*** SOURCE DATA Section Begins ***
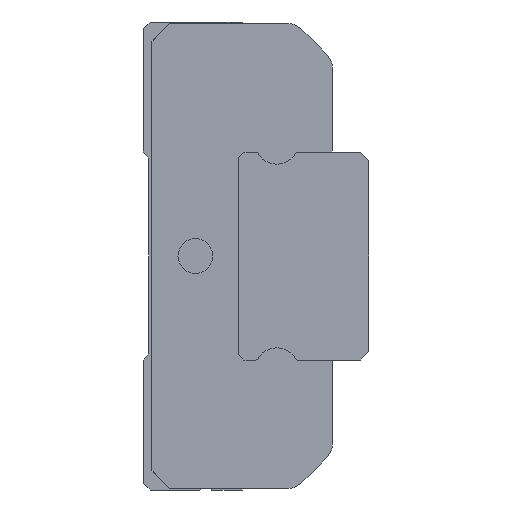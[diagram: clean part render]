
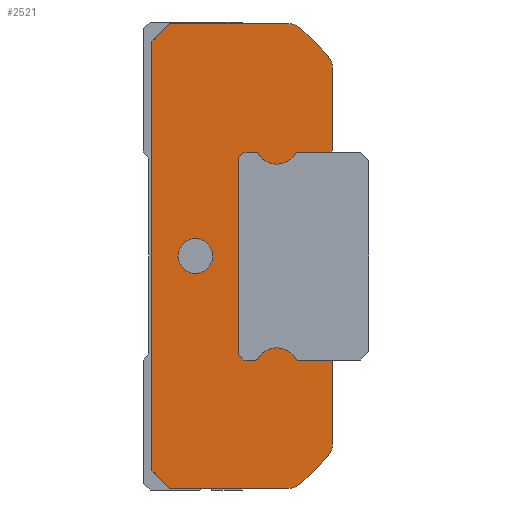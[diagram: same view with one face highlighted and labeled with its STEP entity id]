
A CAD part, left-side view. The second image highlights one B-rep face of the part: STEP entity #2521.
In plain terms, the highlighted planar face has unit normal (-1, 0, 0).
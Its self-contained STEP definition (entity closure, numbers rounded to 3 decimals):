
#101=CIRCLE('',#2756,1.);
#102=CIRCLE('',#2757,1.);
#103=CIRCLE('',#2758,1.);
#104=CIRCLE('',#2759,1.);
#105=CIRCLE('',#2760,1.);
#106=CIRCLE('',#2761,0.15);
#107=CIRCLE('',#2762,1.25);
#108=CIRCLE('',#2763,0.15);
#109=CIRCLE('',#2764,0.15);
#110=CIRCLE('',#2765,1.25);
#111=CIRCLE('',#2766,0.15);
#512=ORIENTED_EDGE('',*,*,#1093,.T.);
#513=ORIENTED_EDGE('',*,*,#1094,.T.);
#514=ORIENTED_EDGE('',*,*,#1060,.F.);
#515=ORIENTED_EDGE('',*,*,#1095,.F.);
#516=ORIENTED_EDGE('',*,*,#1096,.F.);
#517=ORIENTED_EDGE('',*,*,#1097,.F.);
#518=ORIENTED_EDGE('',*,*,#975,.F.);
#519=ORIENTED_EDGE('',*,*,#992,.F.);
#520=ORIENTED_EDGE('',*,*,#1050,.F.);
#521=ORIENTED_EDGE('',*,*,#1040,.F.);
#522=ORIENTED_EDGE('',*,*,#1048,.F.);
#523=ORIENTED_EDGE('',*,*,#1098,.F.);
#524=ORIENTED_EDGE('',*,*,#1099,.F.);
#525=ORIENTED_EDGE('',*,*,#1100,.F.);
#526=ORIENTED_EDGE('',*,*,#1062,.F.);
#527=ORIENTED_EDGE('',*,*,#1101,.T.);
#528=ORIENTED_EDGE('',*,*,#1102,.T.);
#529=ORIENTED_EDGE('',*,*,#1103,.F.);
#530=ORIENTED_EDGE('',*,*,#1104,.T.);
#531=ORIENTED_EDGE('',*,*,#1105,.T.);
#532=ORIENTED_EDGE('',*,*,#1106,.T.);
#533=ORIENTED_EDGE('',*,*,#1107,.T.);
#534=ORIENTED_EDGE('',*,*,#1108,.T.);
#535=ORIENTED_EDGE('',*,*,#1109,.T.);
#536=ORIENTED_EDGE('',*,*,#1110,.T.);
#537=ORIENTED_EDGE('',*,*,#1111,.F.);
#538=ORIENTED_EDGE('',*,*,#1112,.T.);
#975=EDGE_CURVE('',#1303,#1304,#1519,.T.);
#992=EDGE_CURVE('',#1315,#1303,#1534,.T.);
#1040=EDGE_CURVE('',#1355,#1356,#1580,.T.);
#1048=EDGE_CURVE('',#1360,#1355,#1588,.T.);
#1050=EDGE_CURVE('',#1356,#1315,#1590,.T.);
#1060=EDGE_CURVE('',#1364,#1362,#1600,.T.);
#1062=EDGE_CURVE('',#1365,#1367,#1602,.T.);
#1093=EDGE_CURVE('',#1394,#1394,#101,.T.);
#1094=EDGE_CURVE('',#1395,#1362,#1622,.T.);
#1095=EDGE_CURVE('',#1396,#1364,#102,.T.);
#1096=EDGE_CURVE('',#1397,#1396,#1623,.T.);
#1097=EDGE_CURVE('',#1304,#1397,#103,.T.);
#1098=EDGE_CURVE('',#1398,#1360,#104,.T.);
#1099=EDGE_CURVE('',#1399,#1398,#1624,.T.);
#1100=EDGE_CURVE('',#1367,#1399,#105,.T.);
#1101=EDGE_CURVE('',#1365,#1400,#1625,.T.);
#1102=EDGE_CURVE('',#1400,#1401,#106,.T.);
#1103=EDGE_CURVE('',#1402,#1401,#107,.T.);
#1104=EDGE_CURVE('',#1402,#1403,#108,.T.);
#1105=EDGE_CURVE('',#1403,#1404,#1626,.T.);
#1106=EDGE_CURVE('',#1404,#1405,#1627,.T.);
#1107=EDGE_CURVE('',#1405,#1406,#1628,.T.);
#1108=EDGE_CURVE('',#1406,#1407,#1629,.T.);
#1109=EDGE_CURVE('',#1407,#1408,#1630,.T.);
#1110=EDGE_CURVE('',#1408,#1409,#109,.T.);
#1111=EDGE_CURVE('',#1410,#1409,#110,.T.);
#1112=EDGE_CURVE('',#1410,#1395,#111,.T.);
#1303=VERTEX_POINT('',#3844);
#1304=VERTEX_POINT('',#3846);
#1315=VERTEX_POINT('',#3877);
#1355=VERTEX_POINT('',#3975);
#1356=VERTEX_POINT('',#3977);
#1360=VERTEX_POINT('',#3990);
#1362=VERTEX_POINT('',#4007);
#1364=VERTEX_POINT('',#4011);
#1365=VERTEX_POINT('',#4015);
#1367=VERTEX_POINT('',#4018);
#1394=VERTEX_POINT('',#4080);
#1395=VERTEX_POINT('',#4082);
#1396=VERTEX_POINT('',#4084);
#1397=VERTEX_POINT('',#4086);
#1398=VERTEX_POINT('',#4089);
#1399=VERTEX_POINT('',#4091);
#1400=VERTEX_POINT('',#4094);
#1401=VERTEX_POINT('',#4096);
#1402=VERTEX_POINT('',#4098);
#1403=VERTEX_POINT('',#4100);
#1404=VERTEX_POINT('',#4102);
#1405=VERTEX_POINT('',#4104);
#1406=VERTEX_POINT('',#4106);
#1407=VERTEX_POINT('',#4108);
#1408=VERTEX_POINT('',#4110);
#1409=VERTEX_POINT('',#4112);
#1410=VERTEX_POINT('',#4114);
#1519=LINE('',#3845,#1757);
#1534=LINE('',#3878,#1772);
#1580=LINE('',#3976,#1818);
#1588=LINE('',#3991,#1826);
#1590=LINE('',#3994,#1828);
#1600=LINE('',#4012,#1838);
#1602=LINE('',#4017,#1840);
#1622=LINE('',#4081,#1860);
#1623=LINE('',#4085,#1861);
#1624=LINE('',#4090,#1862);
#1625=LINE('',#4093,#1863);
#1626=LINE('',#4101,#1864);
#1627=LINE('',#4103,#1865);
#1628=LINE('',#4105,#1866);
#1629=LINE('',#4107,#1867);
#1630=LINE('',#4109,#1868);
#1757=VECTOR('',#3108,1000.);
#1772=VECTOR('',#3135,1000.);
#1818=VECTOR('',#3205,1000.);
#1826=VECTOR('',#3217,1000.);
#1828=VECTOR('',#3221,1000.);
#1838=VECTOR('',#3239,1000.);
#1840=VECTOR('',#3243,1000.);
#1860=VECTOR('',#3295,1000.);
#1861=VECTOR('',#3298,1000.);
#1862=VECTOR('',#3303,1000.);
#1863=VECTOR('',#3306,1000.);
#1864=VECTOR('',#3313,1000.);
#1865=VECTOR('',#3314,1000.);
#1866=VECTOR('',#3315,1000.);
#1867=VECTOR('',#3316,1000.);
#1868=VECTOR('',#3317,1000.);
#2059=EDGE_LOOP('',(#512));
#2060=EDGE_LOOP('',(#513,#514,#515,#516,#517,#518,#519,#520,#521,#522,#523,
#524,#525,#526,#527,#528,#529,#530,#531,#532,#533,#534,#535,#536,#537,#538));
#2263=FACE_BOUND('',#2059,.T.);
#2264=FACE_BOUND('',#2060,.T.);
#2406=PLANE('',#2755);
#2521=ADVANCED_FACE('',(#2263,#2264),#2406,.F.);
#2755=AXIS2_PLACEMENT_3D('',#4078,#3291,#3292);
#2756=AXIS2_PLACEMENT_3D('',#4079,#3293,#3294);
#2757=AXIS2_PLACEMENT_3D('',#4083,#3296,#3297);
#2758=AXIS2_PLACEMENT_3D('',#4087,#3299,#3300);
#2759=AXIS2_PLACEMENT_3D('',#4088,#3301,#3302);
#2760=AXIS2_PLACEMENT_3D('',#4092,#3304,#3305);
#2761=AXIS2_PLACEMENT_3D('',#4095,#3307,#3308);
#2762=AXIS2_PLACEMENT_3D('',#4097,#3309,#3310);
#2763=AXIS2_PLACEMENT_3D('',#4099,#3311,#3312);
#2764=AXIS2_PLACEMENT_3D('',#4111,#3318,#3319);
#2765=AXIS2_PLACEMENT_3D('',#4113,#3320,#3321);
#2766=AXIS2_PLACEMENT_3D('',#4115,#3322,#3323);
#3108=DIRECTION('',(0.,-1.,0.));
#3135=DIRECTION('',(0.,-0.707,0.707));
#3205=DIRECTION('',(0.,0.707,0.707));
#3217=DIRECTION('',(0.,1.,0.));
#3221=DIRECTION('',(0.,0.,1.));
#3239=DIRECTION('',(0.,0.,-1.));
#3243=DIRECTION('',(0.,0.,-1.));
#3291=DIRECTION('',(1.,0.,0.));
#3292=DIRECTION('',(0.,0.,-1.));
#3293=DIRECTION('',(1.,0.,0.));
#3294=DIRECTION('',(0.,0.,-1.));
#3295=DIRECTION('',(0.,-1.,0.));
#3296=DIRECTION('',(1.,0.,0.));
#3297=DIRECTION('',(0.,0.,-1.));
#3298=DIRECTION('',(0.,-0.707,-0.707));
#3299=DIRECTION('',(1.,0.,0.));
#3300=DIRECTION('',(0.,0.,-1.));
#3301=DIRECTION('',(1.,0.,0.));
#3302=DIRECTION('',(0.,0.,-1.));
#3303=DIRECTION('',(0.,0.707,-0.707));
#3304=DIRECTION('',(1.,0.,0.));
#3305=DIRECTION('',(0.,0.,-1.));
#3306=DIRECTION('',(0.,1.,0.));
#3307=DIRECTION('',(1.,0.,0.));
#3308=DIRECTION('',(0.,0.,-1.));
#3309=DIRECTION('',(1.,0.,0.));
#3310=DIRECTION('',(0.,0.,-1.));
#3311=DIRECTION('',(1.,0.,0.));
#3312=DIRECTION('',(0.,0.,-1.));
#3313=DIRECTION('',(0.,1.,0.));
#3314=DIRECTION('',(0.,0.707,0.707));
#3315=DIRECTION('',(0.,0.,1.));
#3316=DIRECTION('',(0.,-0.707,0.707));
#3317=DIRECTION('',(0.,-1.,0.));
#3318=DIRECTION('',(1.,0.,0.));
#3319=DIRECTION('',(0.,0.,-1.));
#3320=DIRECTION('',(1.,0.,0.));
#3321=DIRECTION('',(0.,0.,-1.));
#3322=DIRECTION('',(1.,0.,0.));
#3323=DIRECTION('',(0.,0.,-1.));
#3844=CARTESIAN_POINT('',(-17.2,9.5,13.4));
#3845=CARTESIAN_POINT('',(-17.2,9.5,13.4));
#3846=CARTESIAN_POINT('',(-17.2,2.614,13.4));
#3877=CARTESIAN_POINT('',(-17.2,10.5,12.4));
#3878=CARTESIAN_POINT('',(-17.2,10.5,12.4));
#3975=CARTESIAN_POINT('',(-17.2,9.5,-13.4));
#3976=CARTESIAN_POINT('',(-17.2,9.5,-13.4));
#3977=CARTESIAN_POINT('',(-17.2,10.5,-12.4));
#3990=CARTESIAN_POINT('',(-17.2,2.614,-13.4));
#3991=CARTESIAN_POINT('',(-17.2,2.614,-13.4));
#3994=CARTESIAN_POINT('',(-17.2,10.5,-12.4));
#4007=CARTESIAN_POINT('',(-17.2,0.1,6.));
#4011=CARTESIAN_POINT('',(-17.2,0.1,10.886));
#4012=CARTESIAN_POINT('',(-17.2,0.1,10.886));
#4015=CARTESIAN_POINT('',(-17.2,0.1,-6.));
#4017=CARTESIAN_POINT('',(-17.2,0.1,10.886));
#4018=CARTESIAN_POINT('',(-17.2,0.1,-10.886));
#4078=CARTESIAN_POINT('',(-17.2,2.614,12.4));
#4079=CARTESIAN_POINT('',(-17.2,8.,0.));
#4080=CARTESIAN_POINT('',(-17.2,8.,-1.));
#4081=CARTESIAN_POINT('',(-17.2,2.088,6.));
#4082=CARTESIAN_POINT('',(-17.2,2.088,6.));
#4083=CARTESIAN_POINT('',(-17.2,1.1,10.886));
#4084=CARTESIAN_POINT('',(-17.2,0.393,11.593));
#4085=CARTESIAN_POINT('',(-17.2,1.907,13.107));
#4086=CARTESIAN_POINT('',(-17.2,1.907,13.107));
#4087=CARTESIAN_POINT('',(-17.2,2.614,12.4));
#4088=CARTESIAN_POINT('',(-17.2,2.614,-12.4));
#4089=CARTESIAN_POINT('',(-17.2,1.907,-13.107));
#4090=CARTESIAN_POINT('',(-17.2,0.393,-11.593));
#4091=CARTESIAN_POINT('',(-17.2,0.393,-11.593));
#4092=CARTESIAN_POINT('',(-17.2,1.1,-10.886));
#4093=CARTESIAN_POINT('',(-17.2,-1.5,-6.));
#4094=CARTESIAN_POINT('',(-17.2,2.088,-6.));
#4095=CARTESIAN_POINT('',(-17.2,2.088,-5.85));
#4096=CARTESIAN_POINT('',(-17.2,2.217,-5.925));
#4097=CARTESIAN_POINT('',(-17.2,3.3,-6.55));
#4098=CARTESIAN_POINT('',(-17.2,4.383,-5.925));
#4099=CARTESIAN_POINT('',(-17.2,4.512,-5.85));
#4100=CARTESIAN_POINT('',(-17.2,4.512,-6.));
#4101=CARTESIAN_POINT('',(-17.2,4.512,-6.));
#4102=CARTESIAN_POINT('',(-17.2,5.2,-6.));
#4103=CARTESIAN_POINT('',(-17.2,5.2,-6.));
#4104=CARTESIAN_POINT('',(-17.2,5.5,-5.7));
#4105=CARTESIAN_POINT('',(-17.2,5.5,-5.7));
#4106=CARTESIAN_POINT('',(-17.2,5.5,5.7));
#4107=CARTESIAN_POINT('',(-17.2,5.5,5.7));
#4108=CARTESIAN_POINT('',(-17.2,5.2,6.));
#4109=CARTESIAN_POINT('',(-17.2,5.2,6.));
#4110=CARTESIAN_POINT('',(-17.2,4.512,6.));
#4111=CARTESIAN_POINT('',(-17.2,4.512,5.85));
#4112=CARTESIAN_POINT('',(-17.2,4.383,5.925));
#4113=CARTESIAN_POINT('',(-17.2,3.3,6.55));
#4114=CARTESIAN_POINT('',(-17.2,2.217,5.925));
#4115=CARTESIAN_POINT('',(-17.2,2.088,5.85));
*** SOURCE DATA Section Ends ***
▶ _YOUR INSTRUCTIONS_:
Take the line above containing "#3298=DIRECTION('',(0.,-0.707,-0.707));", the line containing "#3975=CARTESIAN_POINT('',(-17.2,9.5,-13.4));", and all lines in between, and copy them exactly without anything else.

▶ _RESULT_:
#3298=DIRECTION('',(0.,-0.707,-0.707));
#3299=DIRECTION('',(1.,0.,0.));
#3300=DIRECTION('',(0.,0.,-1.));
#3301=DIRECTION('',(1.,0.,0.));
#3302=DIRECTION('',(0.,0.,-1.));
#3303=DIRECTION('',(0.,0.707,-0.707));
#3304=DIRECTION('',(1.,0.,0.));
#3305=DIRECTION('',(0.,0.,-1.));
#3306=DIRECTION('',(0.,1.,0.));
#3307=DIRECTION('',(1.,0.,0.));
#3308=DIRECTION('',(0.,0.,-1.));
#3309=DIRECTION('',(1.,0.,0.));
#3310=DIRECTION('',(0.,0.,-1.));
#3311=DIRECTION('',(1.,0.,0.));
#3312=DIRECTION('',(0.,0.,-1.));
#3313=DIRECTION('',(0.,1.,0.));
#3314=DIRECTION('',(0.,0.707,0.707));
#3315=DIRECTION('',(0.,0.,1.));
#3316=DIRECTION('',(0.,-0.707,0.707));
#3317=DIRECTION('',(0.,-1.,0.));
#3318=DIRECTION('',(1.,0.,0.));
#3319=DIRECTION('',(0.,0.,-1.));
#3320=DIRECTION('',(1.,0.,0.));
#3321=DIRECTION('',(0.,0.,-1.));
#3322=DIRECTION('',(1.,0.,0.));
#3323=DIRECTION('',(0.,0.,-1.));
#3844=CARTESIAN_POINT('',(-17.2,9.5,13.4));
#3845=CARTESIAN_POINT('',(-17.2,9.5,13.4));
#3846=CARTESIAN_POINT('',(-17.2,2.614,13.4));
#3877=CARTESIAN_POINT('',(-17.2,10.5,12.4));
#3878=CARTESIAN_POINT('',(-17.2,10.5,12.4));
#3975=CARTESIAN_POINT('',(-17.2,9.5,-13.4));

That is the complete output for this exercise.